Is there anything that needs to be someplace else?
Any attention on anything in there?
Any actionable items?
If the answer to any of these questions is "yes", put the actionable item into "in" or write a note about it.
Continue working your way around your office, collecting everything sitting on the tops of cabinets or tables or counters that doesn't belong there permanently. Soon there will be stacks of reading material, mail reports and miscellaneous folders and support material for action and projects, collect it all.
Maybe there is reference material that you've already used and just left out. If that's so and if you can return it to the file cabinet or the bookshelf in just a second go ahead and do that. Be careful to check with yourself though about whether there is some potential action tied to the material before you put it away.
If there is, put it into in so you can deal with it later in the process.
Inside the cabinets
Now look inside the cabinets. What's in there?
These are perfect areas for stashing large supplies and reference materials, and equally seductive for holding deeper levels of stuff.
Sometimes there are collectibles and. nostalgia without meaning.
And if some of these areas are out of control and need purging and organizing write that on a note and toss it into "in".
Floors walls and shelves
Any catalogs, manuals or binders that are out of date or have some potential action associated with them?
Any attention on your pictures artwork plaques or decorations?
Anything tacked on the walls that doesn't belong there?
Anything on bulletin boards that needs action?
Any books that need to be read or donated?
Any piles or stacks of things on the floor?
How about the open shelves?
Add it to your in-tray.
Equipment, furniture and fixtures
Is there anything to do, or change about your office equipment, furniture or the physical space itself?
Do you have all the lighting you need?
Does everything work?
If there are actionable items, make a note and put it in "in".
If you're determined to get to a really empty head it's imperative you do it everywhere.
Once you feel you've collected all the physical things in your environment that need processing, you'll want to collect anything else that may be residing in your mental space
What has your attention that isn't represented by something already in your in-tray?
This is where the stack of plain paper really comes into play. I recommend that you write out each thought, each idea, each project or thing that has your attention on a separate sheet of paper.
Given how you will later be processing each item individually it's effective to collect each thing on a separate sheet. There is a discipline required initially to stay focused on one item at a time as you process it. So giving each thought its own placeholder, as trivial as it might seem, makes it that much easier and your first thought will seldom be the final content you’ll want to track about it , the desired outcome and the next action for it will be.

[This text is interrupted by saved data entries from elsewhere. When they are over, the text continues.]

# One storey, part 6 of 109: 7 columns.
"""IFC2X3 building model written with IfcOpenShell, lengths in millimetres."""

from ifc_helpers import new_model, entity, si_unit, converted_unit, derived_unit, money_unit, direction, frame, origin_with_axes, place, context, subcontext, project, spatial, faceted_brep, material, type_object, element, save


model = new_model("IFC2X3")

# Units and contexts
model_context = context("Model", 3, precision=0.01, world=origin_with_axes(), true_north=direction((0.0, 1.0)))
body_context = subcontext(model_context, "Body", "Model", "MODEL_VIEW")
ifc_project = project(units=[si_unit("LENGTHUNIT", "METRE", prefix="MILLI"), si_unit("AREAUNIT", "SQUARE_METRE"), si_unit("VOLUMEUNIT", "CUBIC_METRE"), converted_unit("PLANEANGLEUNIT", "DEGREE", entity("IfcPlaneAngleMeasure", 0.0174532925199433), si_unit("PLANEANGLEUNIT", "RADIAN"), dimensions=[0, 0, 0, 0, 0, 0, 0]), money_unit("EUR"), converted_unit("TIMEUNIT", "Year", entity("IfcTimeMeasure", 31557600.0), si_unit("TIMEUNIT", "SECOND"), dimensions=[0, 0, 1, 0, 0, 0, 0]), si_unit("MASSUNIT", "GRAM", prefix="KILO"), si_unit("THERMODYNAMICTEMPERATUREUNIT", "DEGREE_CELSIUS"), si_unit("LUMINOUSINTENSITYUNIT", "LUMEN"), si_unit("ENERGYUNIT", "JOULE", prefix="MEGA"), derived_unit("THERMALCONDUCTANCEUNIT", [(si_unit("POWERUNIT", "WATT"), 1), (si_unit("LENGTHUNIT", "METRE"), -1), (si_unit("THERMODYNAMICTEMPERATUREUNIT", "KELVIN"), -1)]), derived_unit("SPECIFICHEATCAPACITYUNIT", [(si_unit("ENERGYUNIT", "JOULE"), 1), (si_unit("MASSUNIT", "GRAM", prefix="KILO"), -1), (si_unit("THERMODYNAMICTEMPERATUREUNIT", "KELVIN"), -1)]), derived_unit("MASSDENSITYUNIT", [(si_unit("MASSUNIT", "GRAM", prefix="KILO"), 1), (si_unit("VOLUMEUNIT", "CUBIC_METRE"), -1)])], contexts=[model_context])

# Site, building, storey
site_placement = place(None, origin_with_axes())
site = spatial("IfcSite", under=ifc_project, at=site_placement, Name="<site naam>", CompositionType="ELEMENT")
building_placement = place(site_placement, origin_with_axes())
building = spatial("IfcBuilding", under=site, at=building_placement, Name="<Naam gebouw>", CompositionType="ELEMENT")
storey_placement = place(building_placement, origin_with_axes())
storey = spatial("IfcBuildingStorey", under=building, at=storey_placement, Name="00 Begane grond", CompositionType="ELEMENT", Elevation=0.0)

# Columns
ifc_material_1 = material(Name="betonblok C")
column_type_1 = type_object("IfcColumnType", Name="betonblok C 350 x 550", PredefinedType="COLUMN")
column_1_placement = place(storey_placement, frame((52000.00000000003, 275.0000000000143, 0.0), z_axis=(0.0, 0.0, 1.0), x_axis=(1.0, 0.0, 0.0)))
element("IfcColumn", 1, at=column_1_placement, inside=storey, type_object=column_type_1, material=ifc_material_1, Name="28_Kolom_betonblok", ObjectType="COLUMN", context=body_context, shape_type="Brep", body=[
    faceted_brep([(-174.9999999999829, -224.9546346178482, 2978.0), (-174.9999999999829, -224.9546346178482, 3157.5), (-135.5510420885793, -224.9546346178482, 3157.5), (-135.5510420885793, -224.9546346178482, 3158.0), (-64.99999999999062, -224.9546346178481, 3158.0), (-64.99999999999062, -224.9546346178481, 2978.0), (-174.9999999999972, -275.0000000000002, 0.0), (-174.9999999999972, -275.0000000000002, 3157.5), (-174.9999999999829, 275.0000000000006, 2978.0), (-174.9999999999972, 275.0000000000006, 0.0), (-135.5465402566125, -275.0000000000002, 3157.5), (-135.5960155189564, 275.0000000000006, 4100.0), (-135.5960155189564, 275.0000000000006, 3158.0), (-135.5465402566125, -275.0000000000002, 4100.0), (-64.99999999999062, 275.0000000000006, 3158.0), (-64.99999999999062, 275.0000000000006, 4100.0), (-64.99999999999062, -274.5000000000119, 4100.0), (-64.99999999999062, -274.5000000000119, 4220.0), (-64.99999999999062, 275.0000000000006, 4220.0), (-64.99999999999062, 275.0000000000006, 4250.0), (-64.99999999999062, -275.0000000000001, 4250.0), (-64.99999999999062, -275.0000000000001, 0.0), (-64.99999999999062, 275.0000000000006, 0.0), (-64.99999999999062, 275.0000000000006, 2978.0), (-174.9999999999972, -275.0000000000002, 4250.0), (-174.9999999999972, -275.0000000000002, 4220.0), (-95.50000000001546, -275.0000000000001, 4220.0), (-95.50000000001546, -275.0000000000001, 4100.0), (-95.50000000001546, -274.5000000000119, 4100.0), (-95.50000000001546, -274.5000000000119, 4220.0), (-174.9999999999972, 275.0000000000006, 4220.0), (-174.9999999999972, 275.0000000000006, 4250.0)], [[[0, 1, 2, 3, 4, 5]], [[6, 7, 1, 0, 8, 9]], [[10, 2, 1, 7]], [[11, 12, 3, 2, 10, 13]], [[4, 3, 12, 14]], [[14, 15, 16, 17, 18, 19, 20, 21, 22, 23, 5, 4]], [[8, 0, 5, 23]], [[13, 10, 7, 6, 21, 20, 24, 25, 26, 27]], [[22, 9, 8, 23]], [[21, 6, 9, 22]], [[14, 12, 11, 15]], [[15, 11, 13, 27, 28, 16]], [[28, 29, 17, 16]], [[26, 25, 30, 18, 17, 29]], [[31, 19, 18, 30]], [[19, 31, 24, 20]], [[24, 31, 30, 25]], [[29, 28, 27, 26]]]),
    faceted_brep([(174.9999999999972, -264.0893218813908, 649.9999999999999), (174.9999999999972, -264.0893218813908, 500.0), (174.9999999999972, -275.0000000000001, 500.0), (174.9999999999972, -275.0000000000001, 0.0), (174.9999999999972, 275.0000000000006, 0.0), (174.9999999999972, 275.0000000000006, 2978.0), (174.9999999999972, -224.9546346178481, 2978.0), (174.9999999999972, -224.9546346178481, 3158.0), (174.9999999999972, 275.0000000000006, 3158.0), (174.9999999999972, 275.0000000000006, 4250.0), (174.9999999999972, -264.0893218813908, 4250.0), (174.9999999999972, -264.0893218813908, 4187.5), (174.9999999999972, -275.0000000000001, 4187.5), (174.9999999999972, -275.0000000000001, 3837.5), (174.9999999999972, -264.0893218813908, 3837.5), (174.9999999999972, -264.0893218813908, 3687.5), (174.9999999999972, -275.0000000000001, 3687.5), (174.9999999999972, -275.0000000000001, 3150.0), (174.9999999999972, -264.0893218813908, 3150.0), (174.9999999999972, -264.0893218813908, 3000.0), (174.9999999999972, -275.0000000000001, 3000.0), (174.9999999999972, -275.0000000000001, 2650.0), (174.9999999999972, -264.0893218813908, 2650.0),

It will be handy to have these as discrete items to deal with as you're processing.
It will probably take you between 20 minutes and an hour to clear your head onto separate notes after you've gathered everything else.
You'll find that things will tend to occur to you in a somewhat random fashion.
Little things big things personal things professional things in no particular order. The intent is to go for quantity, you can always toss the junk later.
You've probably created quite a stack of paper in "in" during this procedure.
Mind collection list
To assist in clearing your head. You may want to review the following list, item by item.
Often you'll just need a jog to unearth something lurking in the back of your mind. When something occurs to you, write it on a piece of paper and toss it into "in".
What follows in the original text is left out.